See X-Road terms and abbreviations documentation [TA-TERMS].

# 1.3 References

ARC-G -- X-Road Architecture. Document ID: ARC-G.
PR-GCONF -- X-Road: Protocol for Downloading Configuration. Document ID: PR-GCONF.
PR-MESS -- X-Road: Message Transport Protocol v4.0. Document ID: PR-MESS.
PR-OPMON -- X-Road: Operational Monitoring Protocol. Document ID: PR-OPMON.
PR-OPMONJMX -- X-Road: Operational Monitoring JMX Protocol. Document ID: PR-OPMONJMX.
PSQL -- PostgreSQL, https://www.postgresql.org/
ARC-TEC -- X-Road technologies. Document ID: ARC-TEC.
TA-TERMS -- X-Road Terms and Abbreviations. Document ID: TA-TERMS.

# 2 Component View

Figure 1 shows the main components and interfaces of the monitoring daemon. The components and the interfaces are described in detail in the following sections.

Operational monitoring daemon component diagram

Technologies used in the operational monitoring daemon can be found here: [ARC-TEC]
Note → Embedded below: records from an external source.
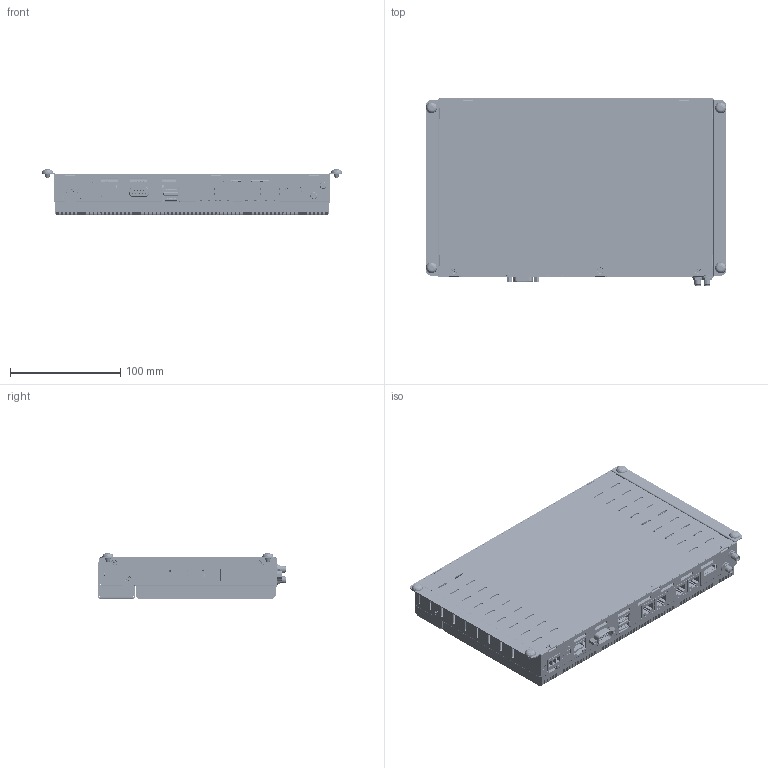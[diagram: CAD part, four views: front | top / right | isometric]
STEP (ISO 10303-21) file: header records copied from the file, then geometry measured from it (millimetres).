
FILE_DESCRIPTION((''),'2;1');
FILE_NAME('EC2A-100','2026-06-02T13:55:55',('gijyu181'),(''),'CREO PARAMETRIC BY PTC INC, 2018050','CREO PARAMETRIC BY PTC INC, 2018050','');
FILE_SCHEMA(('CONFIG_CONTROL_DESIGN','SHAPE_APPEARANCE_LAYERS_GROUPS'));
Products named in the file (1): EC2A-100
Bounding box: 272 x 170.54 x 40.9 mm (x, y, z)
Volume: 525342.7 mm3; surface area: 473723 mm2
Topology: 31 solids, 65 shells, 23218 faces, 68212 edges, 45038 vertices
Faces by surface type: plane 16197, cylinder 5204, extrusion 1160, cone 250, bspline 171, torus 157, sphere 67, revolution 12
Entity records: 886647 total; most frequent: CARTESIAN_POINT 163542, ORIENTED_EDGE 135481, DIRECTION 120264, EDGE_CURVE 68150, VECTOR 54810, LINE 53650, VERTEX_POINT 45039, AXIS2_PLACEMENT_3D 32721

Figure 1. Operational monitoring daemon component diagram

# 2.1 Operational Monitoring Daemon Main

The operational monitoring daemon main is a standalone Java daemon application that implements the main functionality of the operational monitoring daemon.

# 2.1.1 Operational Monitoring Database

The operational monitoring database component collects operational monitoring data of the X-Road security server(s) via store operational monitoring data interface. Operational data is stored in a PostgreSQL [PSQL] database. Additionally operational health data statistics are updated and made available via JMXMP.

Outdated data records are deleted periodically from the database according to the monitoring daemon configuration.

# 2.1.2 Operational Monitoring Service

The operational monitoring service receives and processes operational monitoring requests via operational monitoring query interface. There are two requests used by the security server(s) - get operational monitoring data and get operational health data.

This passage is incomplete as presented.